Directions for this task - Copy nothing but the lines from the opening of the entries through the line that contains "#698 = VERTEX_POINT ( 'NONE', #579 ) ;", exactly as written. Drop the pictures.

Provided data -
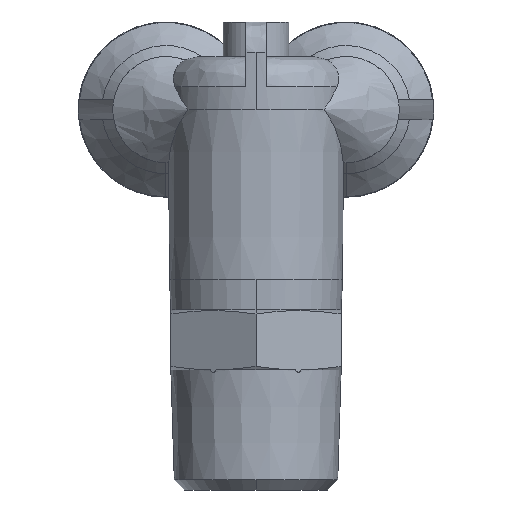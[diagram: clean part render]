
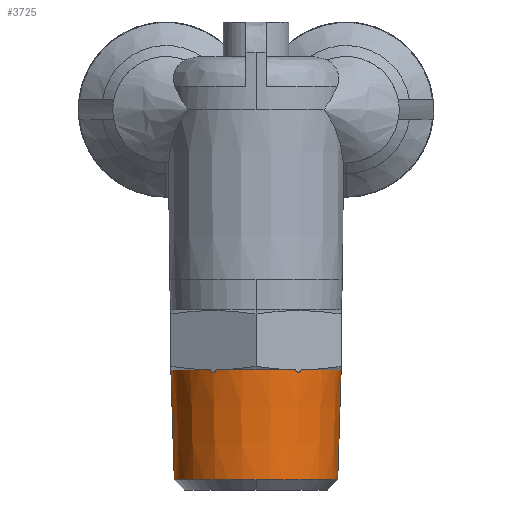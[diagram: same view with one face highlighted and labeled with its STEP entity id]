
A CAD part, left-side view. The second image highlights one B-rep face of the part: STEP entity #3725.
In plain terms, the highlighted conical face has half-angle 1.79 degrees and reference radius 8.508 mm.
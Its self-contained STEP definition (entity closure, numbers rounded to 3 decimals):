
#6 = ORIENTED_EDGE ( 'NONE', *, *, #3081, .F. ) ;
#61 = DIRECTION ( 'NONE',  ( 0., -1., 0. ) ) ;
#95 = CIRCLE ( 'NONE', #1120, 8.508 ) ;
#112 = VERTEX_POINT ( 'NONE', #905 ) ;
#212 = CARTESIAN_POINT ( 'NONE',  ( 0., -8.5, 11.758 ) ) ;
#284 = DIRECTION ( 'NONE',  ( 0., -0.031, 1. ) ) ;
#306 = DIRECTION ( 'NONE',  ( 0., 0., 1. ) ) ;
#363 = CARTESIAN_POINT ( 'NONE',  ( -7.398, -4.186, 11.758 ) ) ;
#385 = CARTESIAN_POINT ( 'NONE',  ( 0., 0., 12. ) ) ;
#449 = EDGE_CURVE ( 'NONE', #1686, #932, #3644, .T. ) ;
#453 = ORIENTED_EDGE ( 'NONE', *, *, #546, .T. ) ;
#468 = CARTESIAN_POINT ( 'NONE',  ( -7.323, -4.316, 11.758 ) ) ;
#506 = CARTESIAN_POINT ( 'NONE',  ( -0.314, 8.5, 11.94 ) ) ;
#518 = ORIENTED_EDGE ( 'NONE', *, *, #5290, .T. ) ;
#528 = CARTESIAN_POINT ( 'NONE',  ( -7.518, 3.978, 11.94 ) ) ;
#535 = CARTESIAN_POINT ( 'NONE',  ( -7.182, -4.561, 12. ) ) ;
#546 = EDGE_CURVE ( 'NONE', #3977, #3742, #4835, .T. ) ;
#556 = CARTESIAN_POINT ( 'NONE',  ( -7.228, -4.48, 11.884 ) ) ;
#579 = CARTESIAN_POINT ( 'NONE',  ( -7.182, -4.561, 12. ) ) ;
#584 = LINE ( 'NONE', #872, #3948 ) ;
#648 = CARTESIAN_POINT ( 'NONE',  ( 0., 0., 12. ) ) ;
#652 = CARTESIAN_POINT ( 'NONE',  ( -0.264, -8.5, 11.883 ) ) ;
#698 = VERTEX_POINT ( 'NONE', #579 ) ;
#716 = CARTESIAN_POINT ( 'NONE',  ( -0.359, -8.5, 12. ) ) ;
#729 = CARTESIAN_POINT ( 'NONE',  ( -7.287, -4.378, 11.793 ) ) ;
#772 = EDGE_LOOP ( 'NONE', ( #6, #2988, #4557, #5064, #4428, #879, #1004, #1304, #453, #1561, #518 ) ) ;
#852 = CIRCLE ( 'NONE', #5065, 8.508 ) ;
#865 = EDGE_CURVE ( 'NONE', #112, #4495, #3978, .T. ) ;
#872 = CARTESIAN_POINT ( 'NONE',  ( 0., 8.508, 12. ) ) ;
#879 = ORIENTED_EDGE ( 'NONE', *, *, #2030, .F. ) ;
#905 = CARTESIAN_POINT ( 'NONE',  ( 0., 8.164, 1.014 ) ) ;
#932 = VERTEX_POINT ( 'NONE', #212 ) ;
#1004 = ORIENTED_EDGE ( 'NONE', *, *, #1449, .T. ) ;
#1114 = DIRECTION ( 'NONE',  ( -0.036, 0.999, 0. ) ) ;
#1120 = AXIS2_PLACEMENT_3D ( 'NONE', #4193, #4839, #4797 ) ;
#1135 = DIRECTION ( 'NONE',  ( -0.998, 0.065, 0. ) ) ;
#1155 = DIRECTION ( 'NONE',  ( 0., 0., 1. ) ) ;
#1157 = EDGE_CURVE ( 'NONE', #3977, #3971, #95, .T. ) ;
#1303 = CARTESIAN_POINT ( 'NONE',  ( -0.314, -8.5, 11.94 ) ) ;
#1304 = ORIENTED_EDGE ( 'NONE', *, *, #1157, .F. ) ;
#1337 = VECTOR ( 'NONE', #284, 1000. ) ;
#1449 = EDGE_CURVE ( 'NONE', #698, #3971, #4916, .T. ) ;
#1517 = CARTESIAN_POINT ( 'NONE',  ( -0.359, 8.5, 12. ) ) ;
#1554 = CARTESIAN_POINT ( 'NONE',  ( -7.288, 4.376, 11.791 ) ) ;
#1561 = ORIENTED_EDGE ( 'NONE', *, *, #5560, .F. ) ;
#1576 = CARTESIAN_POINT ( 'NONE',  ( -7.204, 4.522, 11.94 ) ) ;
#1596 = CARTESIAN_POINT ( 'NONE',  ( -7.229, 4.479, 11.883 ) ) ;
#1637 = CARTESIAN_POINT ( 'NONE',  ( -7.182, 4.561, 12. ) ) ;
#1639 = CARTESIAN_POINT ( 'NONE',  ( -7.541, -3.939, 12. ) ) ;
#1660 = CARTESIAN_POINT ( 'NONE',  ( -7.204, -4.522, 11.94 ) ) ;
#1683 = CARTESIAN_POINT ( 'NONE',  ( -7.518, -3.978, 11.94 ) ) ;
#1684 = CARTESIAN_POINT ( 'NONE',  ( -0.075, -8.5, 11.758 ) ) ;
#1686 = VERTEX_POINT ( 'NONE', #1953 ) ;
#1765 = CARTESIAN_POINT ( 'NONE',  ( -7.541, 3.939, 12. ) ) ;
#1847 = CARTESIAN_POINT ( 'NONE',  ( -0.147, 8.5, 11.792 ) ) ;
#1902 = VERTEX_POINT ( 'NONE', #2515 ) ;
#1953 = CARTESIAN_POINT ( 'NONE',  ( 0., -8.164, 1.014 ) ) ;
#1978 = CARTESIAN_POINT ( 'NONE',  ( -7.399, 4.184, 11.758 ) ) ;
#2030 = EDGE_CURVE ( 'NONE', #698, #4536, #852, .T. ) ;
#2056 = CARTESIAN_POINT ( 'NONE',  ( -7.434, -4.124, 11.791 ) ) ;
#2151 = CARTESIAN_POINT ( 'NONE',  ( 0., -8.508, 12. ) ) ;
#2204 = CARTESIAN_POINT ( 'NONE',  ( 0., 0., 1.014 ) ) ;
#2247 = CARTESIAN_POINT ( 'NONE',  ( 0., 0., 12. ) ) ;
#2270 = CARTESIAN_POINT ( 'NONE',  ( 0., 8.5, 11.758 ) ) ;
#2287 = AXIS2_PLACEMENT_3D ( 'NONE', #2247, #2677, #61 ) ;
#2398 = DIRECTION ( 'NONE',  ( 0., 0., 1. ) ) ;
#2515 = CARTESIAN_POINT ( 'NONE',  ( 0., 8.5, 11.758 ) ) ;
#2576 = FACE_OUTER_BOUND ( 'NONE', #772, .T. ) ;
#2612 = EDGE_CURVE ( 'NONE', #932, #4536, #3048, .T. ) ;
#2677 = DIRECTION ( 'NONE',  ( 0., 0., 1. ) ) ;
#2686 = CARTESIAN_POINT ( 'NONE',  ( -0.359, 8.5, 12. ) ) ;
#2942 = VERTEX_POINT ( 'NONE', #1517 ) ;
#2988 = ORIENTED_EDGE ( 'NONE', *, *, #865, .T. ) ;
#3036 = DIRECTION ( 'NONE',  ( 0., 0.031, 1. ) ) ;
#3048 = B_SPLINE_CURVE_WITH_KNOTS ( 'NONE', 3,
 ( #3520, #1684, #3432, #652, #1303, #716 ),
 .UNSPECIFIED., .F., .F.,
 ( 4, 2, 4 ),
 ( 0., 0.001, 0.001 ),
 .UNSPECIFIED. ) ;
#3081 = EDGE_CURVE ( 'NONE', #112, #1902, #584, .T. ) ;
#3083 = B_SPLINE_CURVE_WITH_KNOTS ( 'NONE', 3,
 ( #2686, #506, #4454, #1847, #4868, #2270 ),
 .UNSPECIFIED., .F., .F.,
 ( 4, 2, 4 ),
 ( 0., 0., 0. ),
 .UNSPECIFIED. ) ;
#3391 = AXIS2_PLACEMENT_3D ( 'NONE', #4976, #2398, #5374 ) ;
#3428 = CARTESIAN_POINT ( 'NONE',  ( -7.494, 4.02, 11.884 ) ) ;
#3432 = CARTESIAN_POINT ( 'NONE',  ( -0.146, -8.5, 11.792 ) ) ;
#3469 = CONICAL_SURFACE ( 'NONE', #2287, 8.508, 0.031 ) ;
#3498 = EDGE_CURVE ( 'NONE', #4495, #1686, #3945, .T. ) ;
#3520 = CARTESIAN_POINT ( 'NONE',  ( 0., -8.5, 11.758 ) ) ;
#3644 = LINE ( 'NONE', #2151, #1337 ) ;
#3690 = CARTESIAN_POINT ( 'NONE',  ( -7.435, 4.122, 11.793 ) ) ;
#3725 = ADVANCED_FACE ( '124', ( #2576 ), #3469, .T. ) ;
#3729 = DIRECTION ( 'NONE',  ( 0., 0., 1. ) ) ;
#3742 = VERTEX_POINT ( 'NONE', #4447 ) ;
#3786 = CARTESIAN_POINT ( 'NONE',  ( -7.324, 4.314, 11.758 ) ) ;
#3945 = CIRCLE ( 'NONE', #3391, 8.164 ) ;
#3946 = CARTESIAN_POINT ( 'NONE',  ( -8.164, 0., 1.014 ) ) ;
#3948 = VECTOR ( 'NONE', #3036, 1000. ) ;
#3957 = CARTESIAN_POINT ( 'NONE',  ( -7.541, 3.939, 12. ) ) ;
#3971 = VERTEX_POINT ( 'NONE', #4378 ) ;
#3977 = VERTEX_POINT ( 'NONE', #1765 ) ;
#3978 = CIRCLE ( 'NONE', #4990, 8.164 ) ;
#4038 = CARTESIAN_POINT ( 'NONE',  ( -0.359, -8.5, 12. ) ) ;
#4193 = CARTESIAN_POINT ( 'NONE',  ( 0., 0., 12. ) ) ;
#4238 = CARTESIAN_POINT ( 'NONE',  ( -7.493, -4.021, 11.883 ) ) ;
#4263 = DIRECTION ( 'NONE',  ( -0.847, -0.531, 0. ) ) ;
#4378 = CARTESIAN_POINT ( 'NONE',  ( -7.541, -3.939, 12. ) ) ;
#4428 = ORIENTED_EDGE ( 'NONE', *, *, #2612, .T. ) ;
#4447 = CARTESIAN_POINT ( 'NONE',  ( -7.182, 4.561, 12. ) ) ;
#4454 = CARTESIAN_POINT ( 'NONE',  ( -0.265, 8.5, 11.884 ) ) ;
#4495 = VERTEX_POINT ( 'NONE', #3946 ) ;
#4536 = VERTEX_POINT ( 'NONE', #4038 ) ;
#4557 = ORIENTED_EDGE ( 'NONE', *, *, #3498, .T. ) ;
#4797 = DIRECTION ( 'NONE',  ( -0.884, 0.468, 0. ) ) ;
#4831 = AXIS2_PLACEMENT_3D ( 'NONE', #648, #3729, #1114 ) ;
#4835 = B_SPLINE_CURVE_WITH_KNOTS ( 'NONE', 3,
 ( #3957, #528, #3428, #3690, #1978, #3786, #1554, #1596, #1576, #1637 ),
 .UNSPECIFIED., .F., .F.,
 ( 4, 2, 2, 2, 4 ),
 ( 0., 0., 0., 0.001, 0.001 ),
 .UNSPECIFIED. ) ;
#4839 = DIRECTION ( 'NONE',  ( 0., 0., 1. ) ) ;
#4868 = CARTESIAN_POINT ( 'NONE',  ( -0.075, 8.5, 11.758 ) ) ;
#4916 = B_SPLINE_CURVE_WITH_KNOTS ( 'NONE', 3,
 ( #535, #1660, #556, #729, #468, #363, #2056, #4238, #1683, #1639 ),
 .UNSPECIFIED., .F., .F.,
 ( 4, 2, 2, 2, 4 ),
 ( 0., 0., 0., 0.001, 0.001 ),
 .UNSPECIFIED. ) ;
#4976 = CARTESIAN_POINT ( 'NONE',  ( 0., 0., 1.014 ) ) ;
#4990 = AXIS2_PLACEMENT_3D ( 'NONE', #2204, #1155, #1135 ) ;
#5064 = ORIENTED_EDGE ( 'NONE', *, *, #449, .T. ) ;
#5065 = AXIS2_PLACEMENT_3D ( 'NONE', #385, #306, #4263 ) ;
#5102 = CIRCLE ( 'NONE', #4831, 8.508 ) ;
#5290 = EDGE_CURVE ( 'NONE', #2942, #1902, #3083, .T. ) ;
#5374 = DIRECTION ( 'NONE',  ( -0.998, 0.065, 0. ) ) ;
#5560 = EDGE_CURVE ( 'NONE', #2942, #3742, #5102, .T. ) ;
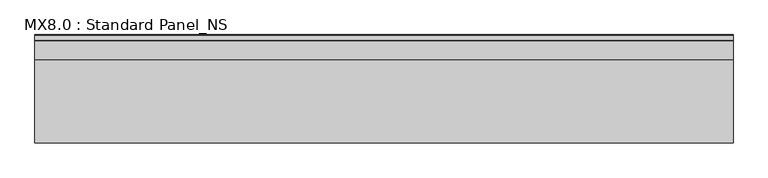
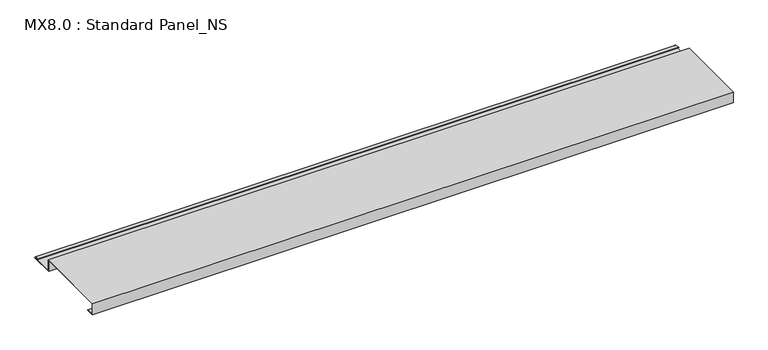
"""IFC4 building model written with IfcOpenShell, lengths in millimetres: proxy geometry, MX8.0 : Standard Panel_NS."""

from ifc_helpers import new_model, si_unit, point, frame, frame_2d, origin, place, context, project, spatial, polyline, circle_curve, trimmed, segment, composite_curve, outline, extrude, source, transform, mapped, element, save


def mx8_0_standard_panel_ns_97240bc2(model_context):
    return source(origin(), model_context, "Body", "SweptSolid", [
        extrude(outline(composite_curve([segment(polyline([(0.0, 0.0), (0.0, 38.0), (250.0, 38.0), (250.0, 0.0), (324.8317866, 0.0)]), True, "CONTINUOUS"), segment(trimmed(circle_curve(frame_2d((324.3094696, 0.9153551)), 1.0538928), [point((324.8317866, 0.0))], [point((324.8448691, 1.8231201))], True, "CARTESIAN"), True, "CONTINUOUS"), segment(polyline([(324.8448691, 1.8231201), (308.5989911, 4.94103), (308.7874714, 5.923107), (325.1748462, 2.778041)]), True, "CONTINUOUS"), segment(trimmed(circle_curve(frame_2d((324.3094696, 0.9153551)), 2.0538928), [point((325.1748462, 2.778041))], [point((325.0510156, -1.0))], False, "CARTESIAN"), True, "CONTINUOUS"), segment(polyline([(325.0510156, -1.0), (249.0, -1.0), (249.0, 37.0), (1.0, 37.0), (1.0, 1.0), (25.0, 1.0), (25.0, 0.0), (0.0, 0.0)]), True, "CONTINUOUS")], self_intersect=False)), frame((0.0, 0.0, 0.0), z_axis=(1.0, 0.0, 0.0), x_axis=(0.0, 1.0, 0.0)), (0.0, 0.0, 1.0), 2100.0),
    ])


if __name__ == "__main__":
    model = new_model("IFC4")
    model_context = context("Model", 3, world=origin())
    ifc_project = project(units=[si_unit("LENGTHUNIT", "METRE", prefix="MILLI")], contexts=[model_context])
    site = spatial("IfcSite", under=ifc_project)
    building = spatial("IfcBuilding", under=site)
    placement = place(None, origin())
    mx8_0_standard_panel_ns_shape = mx8_0_standard_panel_ns_97240bc2(model_context)
    element("IfcBuildingElementProxy", 1, Name="MX8.0 : Standard Panel_NS", ObjectType="MX8.0 : Standard Panel_NS", at=placement, inside=building, context=model_context, shape_type="MappedRepresentation", body=[
        mapped(mx8_0_standard_panel_ns_shape, transform((0.0, 0.0, 0.0), x_axis=(1.0, 0.0, 0.0), y_axis=(0.0, 1.0, 0.0), z_axis=(0.0, 0.0, 1.0))),
    ])
    save(model, "model.ifc")
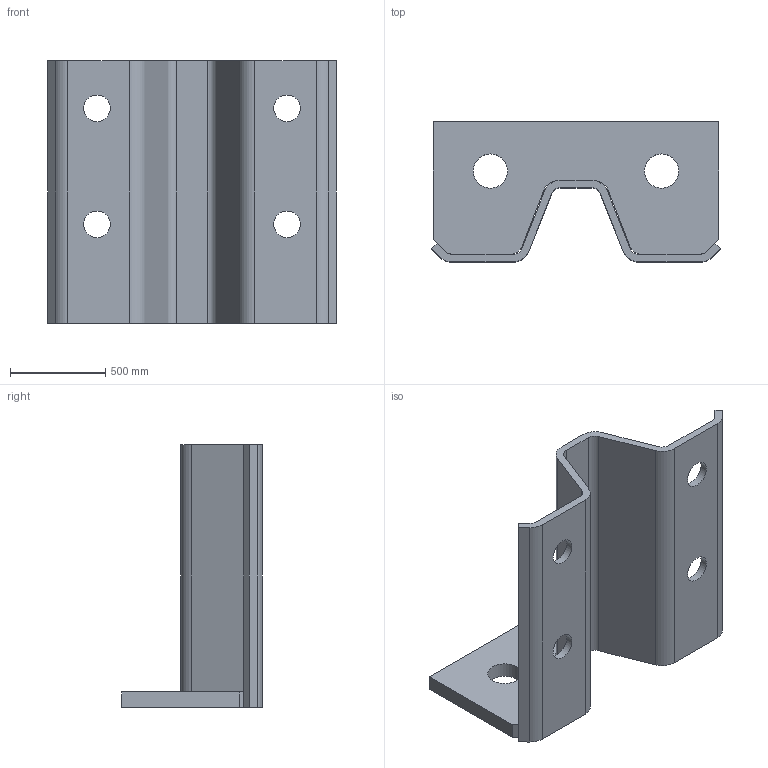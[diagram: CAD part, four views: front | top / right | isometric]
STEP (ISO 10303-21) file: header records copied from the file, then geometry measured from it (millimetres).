
FILE_DESCRIPTION(/* description */ (''),/* implementation_level */ '2;1');
FILE_NAME(/* name */ 'ZB155W90.stp',/* time_stamp */ '2024-10-31T15:18:49+01:00',/* author */ ('woriedl'),/* organization */ (''),/* preprocessor_version */ 'ST-DEVELOPER v20',/* originating_system */ 'AutoCAD Mechanical',/* authorisation */ '');
FILE_SCHEMA (('AUTOMOTIVE_DESIGN { 1 0 10303 214 3 1 1 }'));
Length unit declared in the file: centimetre
Products named in the file (3): Product; ZC155; W90
Assembly tree (2 placements, depth 2):
  Product
    ZC155
    W90
Bounding box: 1517.2 x 740 x 1380 mm (x, y, z)
Volume: 174298411.8 mm3; surface area: 7896223.9 mm2
Topology: 2 solids, 2 shells, 54 faces, 150 edges, 100 vertices
Faces by surface type: plane 30, cylinder 24
Full cylindrical faces by diameter (mm): 140 x4, 180 x2
Entity records: 1830 total; most frequent: DIRECTION 316, CARTESIAN_POINT 309, ORIENTED_EDGE 300, EDGE_CURVE 150, AXIS2_PLACEMENT_3D 107, LINE 102, VECTOR 102, VERTEX_POINT 100
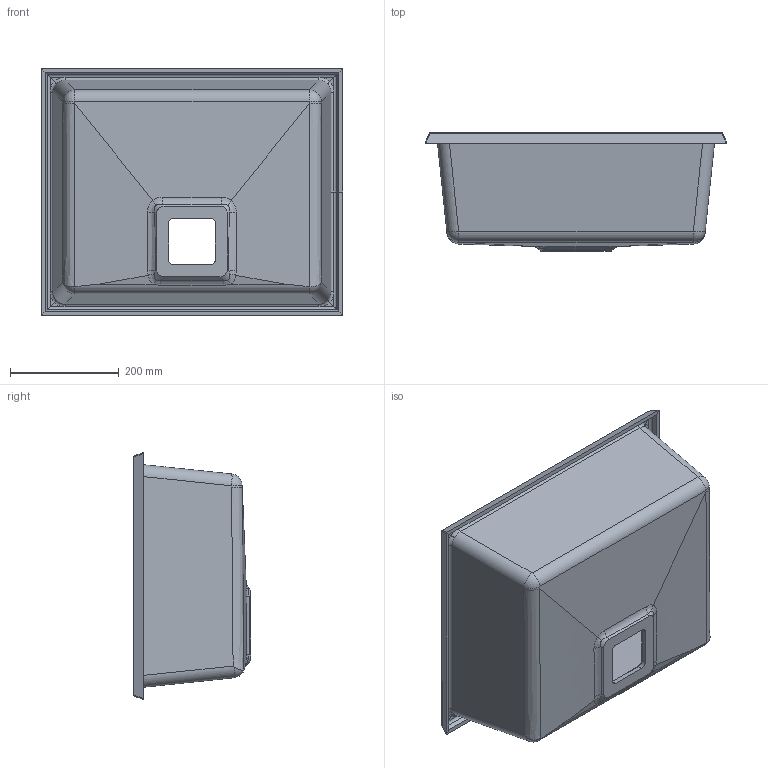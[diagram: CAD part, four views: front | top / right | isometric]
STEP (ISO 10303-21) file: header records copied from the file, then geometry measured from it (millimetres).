
FILE_DESCRIPTION (( 'STEP AP214' ), '1' );
FILE_NAME ('Molde Positivo Completo 072 ZIE 50.STEP', '2022-01-31T14:37:04', ( '' ), ( '' ), 'SwSTEP 2.0', 'SolidWorks 2016', '' );
FILE_SCHEMA (( 'AUTOMOTIVE_DESIGN' ));
Length unit declared in the file: millimetre
Products named in the file (1): Molde Positivo Completo 072 ZIE 50
Bounding box: 556 x 217 x 456 mm (x, y, z)
Volume: 3951314.5 mm3; surface area: 1114229.7 mm2
Topology: 1 solids, 1 shells, 202 faces, 480 edges, 281 vertices
Faces by surface type: bspline 88, cylinder 57, plane 47, sphere 10
Entity records: 8047 total; most frequent: CARTESIAN_POINT 4222, ORIENTED_EDGE 960, DIRECTION 585, EDGE_CURVE 480, VERTEX_POINT 281, AXIS2_PLACEMENT_3D 218, EDGE_LOOP 205, ADVANCED_FACE 202

Result of the exercise -
[diagram: clean part render]
[diagram: same view with one face highlighted and labeled with its STEP entity id]
A CAD part, left-side view. The second image highlights one B-rep face of the part: STEP entity #3725.
In plain terms, the highlighted conical face has half-angle 1.79 degrees and reference radius 8.508 mm.
Its self-contained STEP definition (entity closure, numbers rounded to 3 decimals):
#6 = ORIENTED_EDGE ( 'NONE', *, *, #3081, .F. ) ;
#61 = DIRECTION ( 'NONE',  ( 0., -1., 0. ) ) ;
#95 = CIRCLE ( 'NONE', #1120, 8.508 ) ;
#112 = VERTEX_POINT ( 'NONE', #905 ) ;
#212 = CARTESIAN_POINT ( 'NONE',  ( 0., -8.5, 11.758 ) ) ;
#284 = DIRECTION ( 'NONE',  ( 0., -0.031, 1. ) ) ;
#306 = DIRECTION ( 'NONE',  ( 0., 0., 1. ) ) ;
#363 = CARTESIAN_POINT ( 'NONE',  ( -7.398, -4.186, 11.758 ) ) ;
#385 = CARTESIAN_POINT ( 'NONE',  ( 0., 0., 12. ) ) ;
#449 = EDGE_CURVE ( 'NONE', #1686, #932, #3644, .T. ) ;
#453 = ORIENTED_EDGE ( 'NONE', *, *, #546, .T. ) ;
#468 = CARTESIAN_POINT ( 'NONE',  ( -7.323, -4.316, 11.758 ) ) ;
#506 = CARTESIAN_POINT ( 'NONE',  ( -0.314, 8.5, 11.94 ) ) ;
#518 = ORIENTED_EDGE ( 'NONE', *, *, #5290, .T. ) ;
#528 = CARTESIAN_POINT ( 'NONE',  ( -7.518, 3.978, 11.94 ) ) ;
#535 = CARTESIAN_POINT ( 'NONE',  ( -7.182, -4.561, 12. ) ) ;
#546 = EDGE_CURVE ( 'NONE', #3977, #3742, #4835, .T. ) ;
#556 = CARTESIAN_POINT ( 'NONE',  ( -7.228, -4.48, 11.884 ) ) ;
#579 = CARTESIAN_POINT ( 'NONE',  ( -7.182, -4.561, 12. ) ) ;
#584 = LINE ( 'NONE', #872, #3948 ) ;
#648 = CARTESIAN_POINT ( 'NONE',  ( 0., 0., 12. ) ) ;
#652 = CARTESIAN_POINT ( 'NONE',  ( -0.264, -8.5, 11.883 ) ) ;
#698 = VERTEX_POINT ( 'NONE', #579 ) ;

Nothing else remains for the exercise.